Small cancellation theory

In the mathematical subject of group theory, small cancellation theory studies groups given by group presentations satisfying small cancellation conditions, that is where defining relations have "small overlaps" with each other. Small cancellation conditions imply algebraic, geometric and algorithmic properties of the group. Finitely presented groups satisfying sufficiently strong small cancellation conditions are word hyperbolic and have word problem solvable by Dehn's algorithm. Small cancellation methods are also used for constructing Tarski monsters, and for solutions of Burnside's problem. Some ideas underlying the small cancellation theory go back to the work of Max Dehn in the 1910s.

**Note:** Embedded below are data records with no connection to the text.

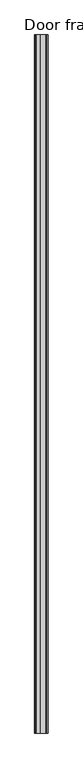
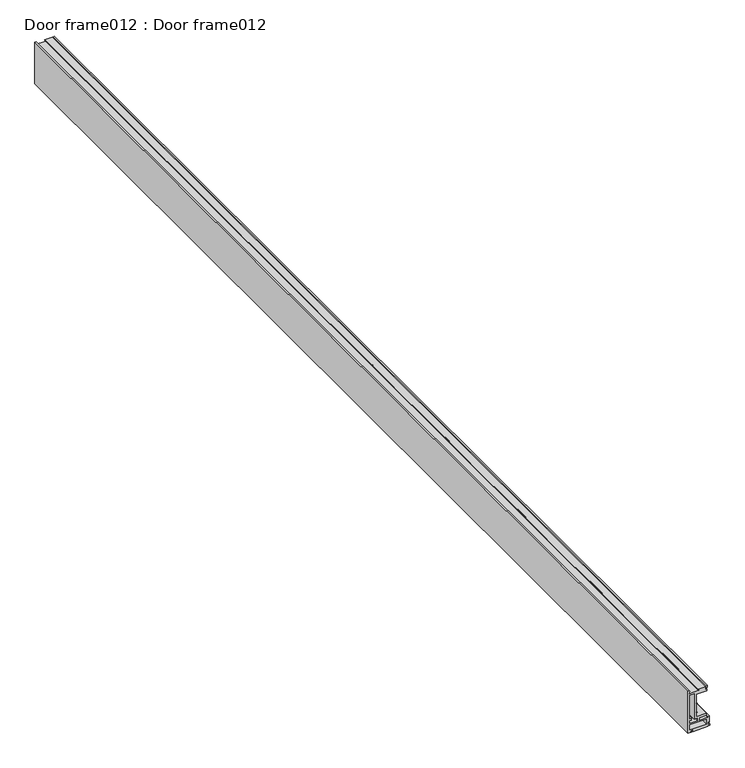
"""IFC4 building model written with IfcOpenShell, lengths in millimetres: proxy geometry, Door frame012 : Door frame012."""

from ifc_helpers import new_model, si_unit, frame, origin, place, context, project, spatial, polyline, outline, extrude, source, transform, mapped, element, save


def door_frame012_door_frame012_2ed3f318(model_context):
    return source(origin(), model_context, "Body", "SweptSolid", [
        extrude(outline(polyline([(36608.9977225, 15539.5084948), (36608.9977225, 15524.517453), (36613.8237225, 15524.517453), (36613.8237225, 15537.3384133), (36616.9987225, 15537.3384133), (36616.9987225, 15519.5076168), (36623.9157731, 15519.5076168), (36624.8727225, 15520.9106887), (36625.8290531, 15519.5076168), (36640.6803935, 15519.5076168), (36641.6367241, 15520.9106887), (36642.5936735, 15519.5076168), (36658.8030324, 15519.5076168), (36658.8030324, 15538.2476818), (36662.4618113, 15538.2476818), (36661.0188583, 15535.7484139), (36666.3421883, 15535.7484139), (36665.4690732, 15539.0049628), (36668.703989, 15539.288472), (36667.561659, 15536.9486127), (36667.7957063, 15535.7484139), (36667.7957063, 15522.1352688), (36666.5824658, 15522.1352688), (36666.5824658, 15523.6520602), (36664.6229889, 15523.6520602), (36664.6229889, 15506.8580308), (36666.7222221, 15506.8580308), (36668.7089205, 15508.0054504), (36669.4492947, 15507.5857589), (36669.4492947, 15504.8264133), (36591.6236909, 15504.8264133), (36591.6236909, 15510.4085802), (36592.8950628, 15510.4085802), (36592.8950628, 15509.5254133), (36594.1652793, 15509.5254133), (36594.1652793, 15514.0974128), (36592.8950628, 15514.0974128), (36592.8950628, 15513.2142459), (36591.6240434, 15513.2142459), (36591.6240434, 15540.1828722), (36593.5561506, 15540.1828722), (36593.5561506, 15541.3652071), (36592.4137824, 15543.7050664), (36595.6486981, 15543.4215572), (36594.775583, 15540.1650084), (36600.1211436, 15540.1650084), (36598.5843732, 15542.6834949), (36610.4200435, 15542.6834949), (36610.4200435, 15539.5084948), (36608.9977225, 15539.5084948)]), holes=[polyline([(36608.9977225, 15508.0061443), (36613.8237225, 15508.0061443), (36613.8237225, 15511.1764133), (36616.9987225, 15511.1764133), (36616.9987225, 15508.0014133), (36661.4479889, 15508.0014133), (36661.4479889, 15516.3326168), (36613.8237225, 15516.3326168), (36613.8237225, 15521.3411443), (36608.9977225, 15521.3411443), (36608.9977225, 15508.0061443)]), polyline([(36605.8183749, 15537.6432186), (36596.3988909, 15537.6432186), (36596.3988909, 15508.0014133), (36605.8183749, 15508.0014133), (36605.8183749, 15537.6432186)])]), frame((0.0, -1052.8906567, 0.0), z_axis=(0.0, 1.0, 0.0), x_axis=(0.0, 0.0, 1.0)), (0.0, 0.0, 1.0), 1999.85),
    ])


if __name__ == "__main__":
    model = new_model("IFC4")
    model_context = context("Model", 3, world=origin())
    ifc_project = project(units=[si_unit("LENGTHUNIT", "METRE", prefix="MILLI")], contexts=[model_context])
    site = spatial("IfcSite", under=ifc_project)
    building = spatial("IfcBuilding", under=site)
    placement = place(None, origin())
    door_frame012_door_frame012_shape = door_frame012_door_frame012_2ed3f318(model_context)
    element("IfcBuildingElementProxy", 1, Name="Door frame012 : Door frame012", ObjectType="Door frame012 : Door frame012", at=placement, inside=building, context=model_context, shape_type="MappedRepresentation", body=[
        mapped(door_frame012_door_frame012_shape, transform((0.0, 0.0, 0.0), x_axis=(1.0, 0.0, 0.0), y_axis=(0.0, 1.0, 0.0), z_axis=(0.0, 0.0, 1.0))),
    ])
    save(model, "model.ifc")

# Revit data of these elements
# Type "Door frame012 : Door frame012"
#   NameOverride = "Door frame012"
# Element 1 (IfcBuildingElementProxy, "Door frame012 : Door frame012")
#   Materials on its faces: "FLEETWOOD SERIES T-3200 SINGLE SWING DOOR FRAME"
# Materials
#   "FLEETWOOD SERIES T-3200 SINGLE SWING DOOR FRAME": class "Unassigned", colour RGB 128 128 128, transparency 0, Cost = 0
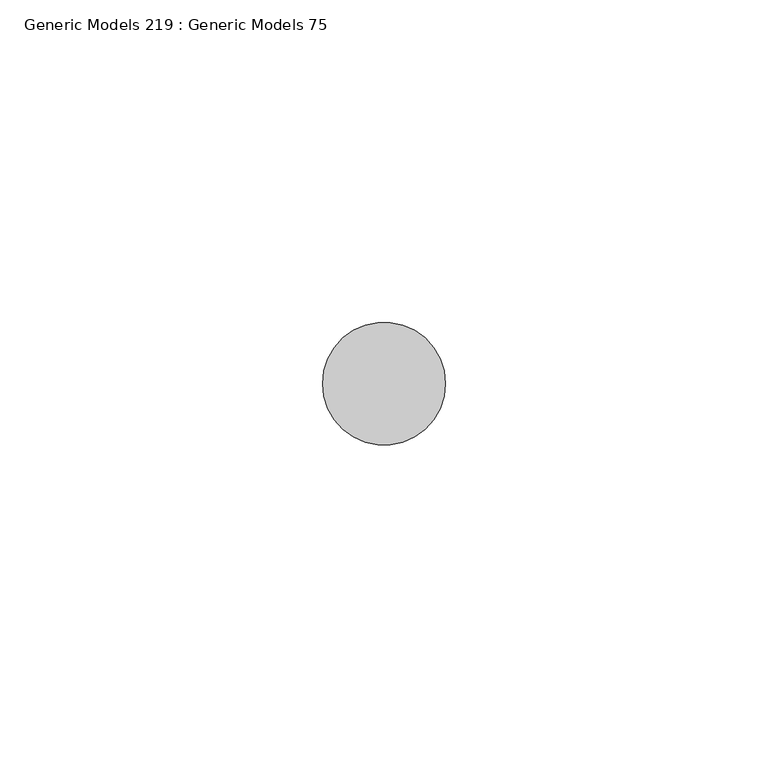
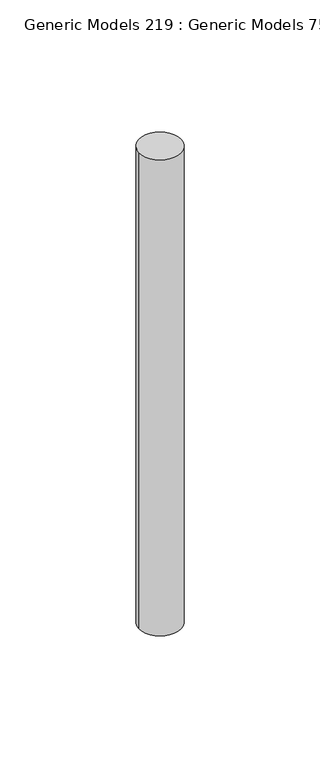
"""IFC4 building model written with IfcOpenShell, lengths in millimetres: proxy geometry, Generic Models 219 : Generic Models 75."""

from ifc_helpers import new_model, si_unit, point, frame, frame_2d, origin, place, context, project, spatial, circle_curve, trimmed, segment, composite_curve, outline, extrude, source, transform, mapped, element, save


def generic_models_219_generic_models_75_87fe1e97(model_context):
    return source(origin(), model_context, "Body", "SweptSolid", [
        extrude(outline(composite_curve([segment(trimmed(circle_curve(frame_2d((31988.1215778, 30896.6257369)), 9.525), [point((31978.5965778, 30896.6257369))], [point((31997.6465778, 30896.6257369))], False, "CARTESIAN"), True, "CONTINUOUS"), segment(trimmed(circle_curve(frame_2d((31988.1215778, 30896.6257369)), 9.525), [point((31997.6465778, 30896.6257369))], [point((31978.5965778, 30896.6257369))], False, "CARTESIAN"), True, "CONTINUOUS")], self_intersect=False)), frame((0.0, 0.0, 266211.05), z_axis=(0.0, 0.0, 1.0), x_axis=(1.0, 0.0, 0.0)), (0.0, 0.0, 1.0), 228.6),
    ])


if __name__ == "__main__":
    model = new_model("IFC4")
    model_context = context("Model", 3, world=origin())
    ifc_project = project(units=[si_unit("LENGTHUNIT", "METRE", prefix="MILLI")], contexts=[model_context])
    site = spatial("IfcSite", under=ifc_project)
    building = spatial("IfcBuilding", under=site)
    placement = place(None, origin())
    generic_models_219_generic_models_75_shape = generic_models_219_generic_models_75_87fe1e97(model_context)
    element("IfcBuildingElementProxy", 1, Name="Generic Models 219 : Generic Models 75", ObjectType="Generic Models 219 : Generic Models 75", at=placement, inside=building, context=model_context, shape_type="MappedRepresentation", body=[
        mapped(generic_models_219_generic_models_75_shape, transform((0.0, 0.0, 0.0), x_axis=(1.0, 0.0, 0.0), y_axis=(0.0, 1.0, 0.0), z_axis=(0.0, 0.0, 1.0))),
    ])
    save(model, "model.ifc")

# Revit data of these elements
# Element 1 (IfcBuildingElementProxy, "Generic Models 219 : Generic Models 75")
#   Materials on its faces: "5/8\" DIA. EPOXY ANCHOR BOLTS"
# Materials
#   "5/8\" DIA. EPOXY ANCHOR BOLTS": class "Metal", colour RGB 199 199 199, transparency 0, Description = "Carbon steel", Cost = 0
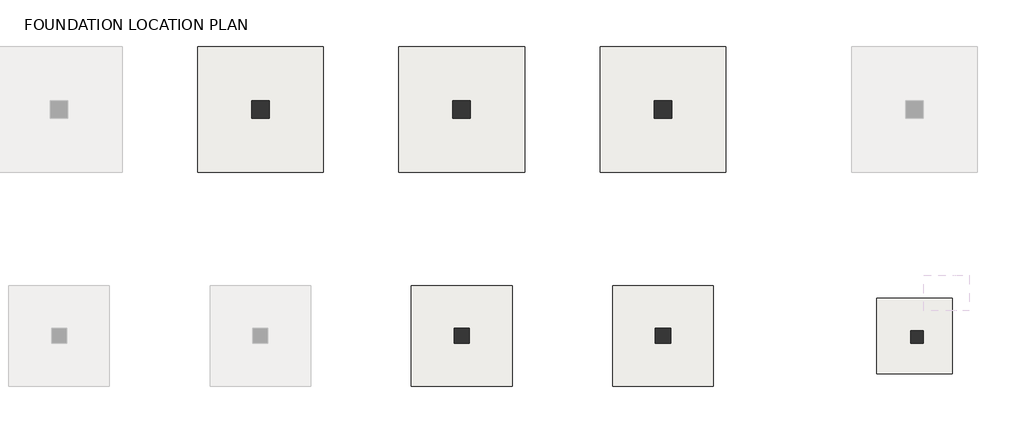
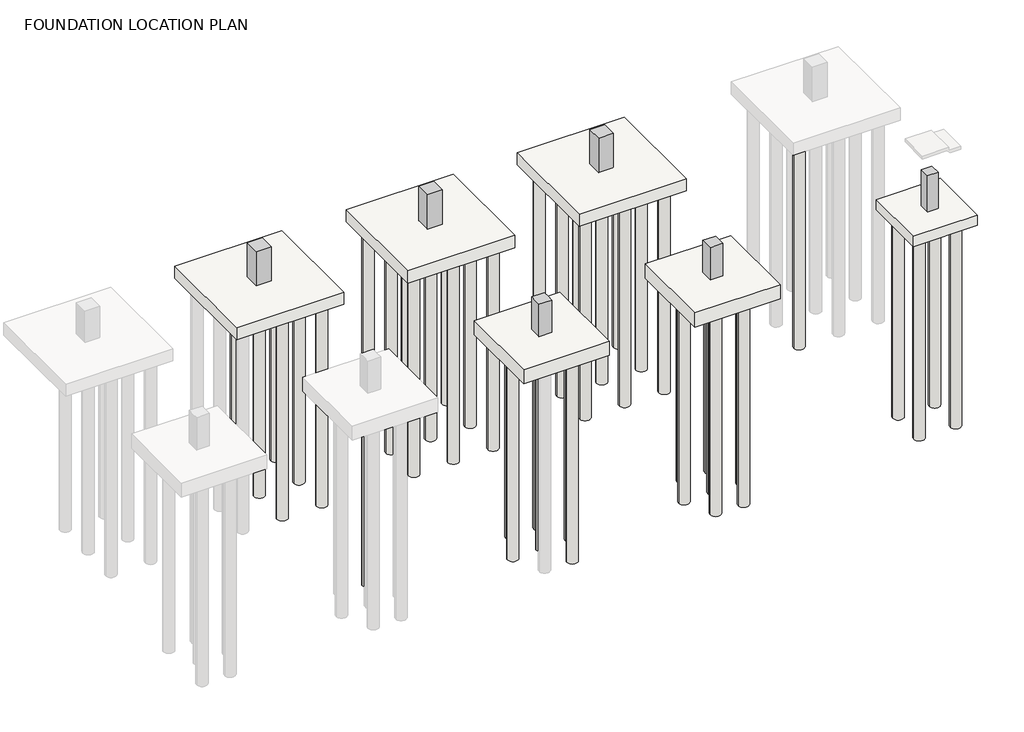
# One storey, part 2 of 3: 49 slabs, 6 columns.
"""IFC4 building model written with IfcOpenShell, lengths in millimetres."""

from ifc_helpers import new_model, si_unit, point, frame, frame_2d, origin, place, context, project, spatial, polyline, circle_curve, trimmed, segment, composite_curve, outline, extrude, faceted_brep, element, save

model = new_model("IFC4")

# Units and contexts
model_context = context("Model", 3, world=origin())
ifc_project = project(units=[si_unit("LENGTHUNIT", "METRE", prefix="MILLI")], contexts=[model_context])

# Site, building, storey
site = spatial("IfcSite", under=ifc_project)
building = spatial("IfcBuilding", under=site)
storey = spatial("IfcBuildingStorey", under=building, Name="FOUNDATION LOCATION PLAN", Elevation=-1699.994759)

# Columns
placement = place(None, origin())
element("IfcColumn", 1, ObjectType="Concrete-Rectangular-Column_R1 : CLS111_RC COLUMN_UG_C1", at=placement, inside=storey, context=model_context, shape_type="Brep", body=[
    faceted_brep([(41850.0, 21199.5208589, -1199.994759), (42350.0, 21199.5208589, -1199.994759), (42350.0, 20699.5208589, -1199.994759), (41850.0, 20699.5208589, -1199.994759), (41850.0, 21199.5208589, 450.005241), (41850.0, 21199.5208589, 600.005241), (42000.0, 21199.5208589, 600.005241), (42350.0, 21199.5208589, 600.005241), (41850.0, 20699.5208589, 600.005241), (41850.0, 20999.5208589, 600.005241), (42350.0, 20699.5208589, 600.005241)], [[[0, 1, 2, 3]], [[1, 0, 4, 5, 6, 7]], [[0, 3, 8, 9, 5, 4]], [[3, 2, 10, 8]], [[2, 1, 7, 10]], [[8, 10, 7, 6, 5, 9]]]),
])
element("IfcColumn", 2, ObjectType="Concrete-Rectangular-Column_R1 : CLS111_RC COLUMN_UG_C3", at=placement, inside=storey, context=model_context, shape_type="Brep", body=[
    faceted_brep([(15650.0, 30349.5208589, -1099.994759), (16350.0, 30349.5208589, -1099.994759), (16350.0, 29649.5208589, -1099.994759), (15650.0, 29649.5208589, -1099.994759), (15650.0, 30349.5208589, 450.005241), (15650.0, 30349.5208589, 600.005241), (16350.0, 30349.5208589, 600.005241), (16350.0, 30349.5208589, 450.005241), (16350.0, 29649.5208589, 600.005241), (16350.0, 29649.5208589, 450.005241), (15650.0, 29649.5208589, 600.005241), (15650.0, 29649.5208589, 450.005241)], [[[0, 1, 2, 3]], [[1, 0, 4, 5, 6, 7]], [[2, 1, 7, 6, 8, 9]], [[3, 2, 9, 8, 10, 11]], [[0, 3, 11, 10, 5, 4]], [[6, 5, 10, 8]]]),
])
element("IfcColumn", 3, ObjectType="Concrete-Rectangular-Column_R1 : CLS111_RC COLUMN_UG_C3", at=placement, inside=storey, context=model_context, shape_type="Brep", body=[
    faceted_brep([(23650.0, 30349.5208589, -1099.994759), (24350.0, 30349.5208589, -1099.994759), (24350.0, 29649.5208589, -1099.994759), (23650.0, 29649.5208589, -1099.994759), (23650.0, 30349.5208589, 450.005241), (23650.0, 30349.5208589, 600.005241), (24350.0, 30349.5208589, 600.005241), (24350.0, 30349.5208589, 450.005241), (24350.0, 29649.5208589, 600.005241), (24350.0, 29649.5208589, 450.005241), (23650.0, 29649.5208589, 600.005241), (23650.0, 29649.5208589, 450.005241)], [[[0, 1, 2, 3]], [[1, 0, 4, 5, 6, 7]], [[2, 1, 7, 6, 8, 9]], [[3, 2, 9, 8, 10, 11]], [[0, 3, 11, 10, 5, 4]], [[6, 5, 10, 8]]]),
])
element("IfcColumn", 4, ObjectType="Concrete-Rectangular-Column_R1 : CLS111_RC COLUMN_UG_C3", at=placement, inside=storey, context=model_context, shape_type="Brep", body=[
    faceted_brep([(31650.0, 30349.5208589, -1099.994759), (32350.0, 30349.5208589, -1099.994759), (32350.0, 29649.5208589, -1099.994759), (31650.0, 29649.5208589, -1099.994759), (31650.0, 30349.5208589, 450.005241), (31650.0, 30349.5208589, 600.005241), (32350.0, 30349.5208589, 600.005241), (32350.0, 30349.5208589, 450.005241), (32350.0, 29649.5208589, 600.005241), (32350.0, 29649.5208589, 450.005241), (31650.0, 29649.5208589, 600.005241), (31650.0, 29649.5208589, 450.005241)], [[[0, 1, 2, 3]], [[1, 0, 4, 5, 6, 7]], [[2, 1, 7, 6, 8, 9]], [[3, 2, 9, 8, 10, 11]], [[0, 3, 11, 10, 5, 4]], [[6, 5, 10, 8]]]),
])
element("IfcColumn", 5, ObjectType="Concrete-Rectangular-Column_R1 : CLS111_RC COLUMN_UG_C2", at=placement, inside=storey, context=model_context, shape_type="Brep", body=[
    faceted_brep([(23700.0, 21299.5208589, -999.994759), (24300.0, 21299.5208589, -999.994759), (24300.0, 20699.5208589, -999.994759), (23700.0, 20699.5208589, -999.994759), (23700.0, 21299.5208589, 450.005241), (23700.0, 21299.5208589, 600.005241), (24300.0, 21299.5208589, 600.005241), (24300.0, 21299.5208589, 450.005241), (24300.0, 20999.5208589, 600.005241), (24300.0, 20699.5208589, 600.005241), (23700.0, 20699.5208589, 600.005241), (23700.0, 20999.5208589, 600.005241)], [[[0, 1, 2, 3]], [[1, 0, 4, 5, 6, 7]], [[2, 1, 7, 6, 8, 9]], [[3, 2, 9, 10]], [[0, 3, 10, 11, 5, 4]], [[6, 5, 11, 10, 9, 8]]]),
])
element("IfcColumn", 6, ObjectType="Concrete-Rectangular-Column_R1 : CLS111_RC COLUMN_UG_C2", at=placement, inside=storey, context=model_context, shape_type="Brep", body=[
    faceted_brep([(31700.0, 21299.5208589, -999.994759), (32300.0, 21299.5208589, -999.994759), (32300.0, 20699.5208589, -999.994759), (31700.0, 20699.5208589, -999.994759), (31700.0, 21299.5208589, 450.005241), (31700.0, 21299.5208589, 600.005241), (32300.0, 21299.5208589, 600.005241), (32300.0, 21299.5208589, 450.005241), (32300.0, 20999.5208589, 600.005241), (32300.0, 20699.5208589, 600.005241), (31700.0, 20699.5208589, 600.005241), (31700.0, 20999.5208589, 600.005241)], [[[0, 1, 2, 3]], [[1, 0, 4, 5, 6, 7]], [[2, 1, 7, 6, 8, 9]], [[3, 2, 9, 10]], [[0, 3, 10, 11, 5, 4]], [[6, 5, 11, 10, 9, 8]]]),
])

# Slabs
element("IfcSlab", 7, ObjectType="Footing-Rectangular_R1 : FTS301_Footing-Rectangular_3000x3000x500_F1", at=placement, inside=storey, context=model_context, shape_type="SweptSolid", body=[
    extrude(outline(polyline([(43500.0, 22499.5208589), (43500.0, 19499.5208589), (40500.0, 19499.5208589), (40500.0, 22499.5208589), (43500.0, 22499.5208589)])), frame((0.0, 0.0, -1699.994759), z_axis=(0.0, 0.0, 1.0), x_axis=(1.0, 0.0, 0.0)), (0.0, 0.0, 1.0), 500.0),
])
element("IfcSlab", 8, ObjectType="Footing-Rectangular_R1 : FTS301_Footing-Rectangular_4000x4000x700_F2", at=placement, inside=storey, context=model_context, shape_type="SweptSolid", body=[
    extrude(outline(polyline([(26000.0, 22999.5208589), (26000.0, 18999.5208589), (22000.0, 18999.5208589), (22000.0, 22999.5208589), (26000.0, 22999.5208589)])), frame((0.0, 0.0, -1699.994759), z_axis=(0.0, 0.0, 1.0), x_axis=(1.0, 0.0, 0.0)), (0.0, 0.0, 1.0), 700.0),
])
element("IfcSlab", 9, ObjectType="Footing-Rectangular_R1 : FTS301_Footing-Rectangular_4000x4000x700_F2", at=placement, inside=storey, context=model_context, shape_type="SweptSolid", body=[
    extrude(outline(polyline([(34000.0, 22999.5208589), (34000.0, 18999.5208589), (30000.0, 18999.5208589), (30000.0, 22999.5208589), (34000.0, 22999.5208589)])), frame((0.0, 0.0, -1699.994759), z_axis=(0.0, 0.0, 1.0), x_axis=(1.0, 0.0, 0.0)), (0.0, 0.0, 1.0), 700.0),
])
element("IfcSlab", 10, ObjectType="Footing-Rectangular_R1 : FTS301_Footing-Rectangular_5000x5000x600_F3", at=placement, inside=storey, context=model_context, shape_type="SweptSolid", body=[
    extrude(outline(polyline([(18500.0, 32499.5208589), (18500.0, 27499.5208589), (13500.0, 27499.5208589), (13500.0, 32499.5208589), (18500.0, 32499.5208589)])), frame((0.0, 0.0, -1699.994759), z_axis=(0.0, 0.0, 1.0), x_axis=(1.0, 0.0, 0.0)), (0.0, 0.0, 1.0), 600.0),
])
element("IfcSlab", 11, ObjectType="Footing-Rectangular_R1 : FTS301_Footing-Rectangular_5000x5000x600_F3", at=placement, inside=storey, context=model_context, shape_type="SweptSolid", body=[
    extrude(outline(polyline([(26500.0, 32499.5208589), (26500.0, 27499.5208589), (21500.0, 27499.5208589), (21500.0, 32499.5208589), (26500.0, 32499.5208589)])), frame((0.0, 0.0, -1699.994759), z_axis=(0.0, 0.0, 1.0), x_axis=(1.0, 0.0, 0.0)), (0.0, 0.0, 1.0), 600.0),
])
element("IfcSlab", 12, ObjectType="Footing-Rectangular_R1 : FTS301_Footing-Rectangular_5000x5000x600_F3", at=placement, inside=storey, context=model_context, shape_type="SweptSolid", body=[
    extrude(outline(polyline([(34500.0, 32499.5208589), (34500.0, 27499.5208589), (29500.0, 27499.5208589), (29500.0, 32499.5208589), (34500.0, 32499.5208589)])), frame((0.0, 0.0, -1699.994759), z_axis=(0.0, 0.0, 1.0), x_axis=(1.0, 0.0, 0.0)), (0.0, 0.0, 1.0), 600.0),
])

Dehn proved that fundamental groups of closed orientable surfaces of genus at least two have word problem solvable by what is now called Dehn's algorithm. His proof involved drawing the Cayley graph of such a group in the hyperbolic plane and performing curvature estimates via the Gauss–Bonnet theorem for a closed loop in the Cayley graph to conclude that such a loop must contain a large portion (more than a half) of a defining relation. A 1949 paper of Tartakovskii was an immediate precursor for small cancellation theory: this paper provided a solution of the word problem for a class of groups satisfying a complicated set of combinatorial conditions, where small cancellation type assumptions played a key role. The standard version of small cancellation theory, as it is used today, was developed by Martin Greendlinger in a series of papers in the early 1960s, who primarily dealt with the "metric" small cancellation conditions. In particular, Greendlinger proved that finitely presented groups satisfying the C′(1/6) small cancellation condition have word problem solvable by Dehn's algorithm. The theory was further refined and formalized in the subsequent work of Lyndon, Schupp and Lyndon-Schupp, who also treated the case of non-metric small cancellation conditions and developed a version of small cancellation theory for amalgamated free products and HNN-extensions.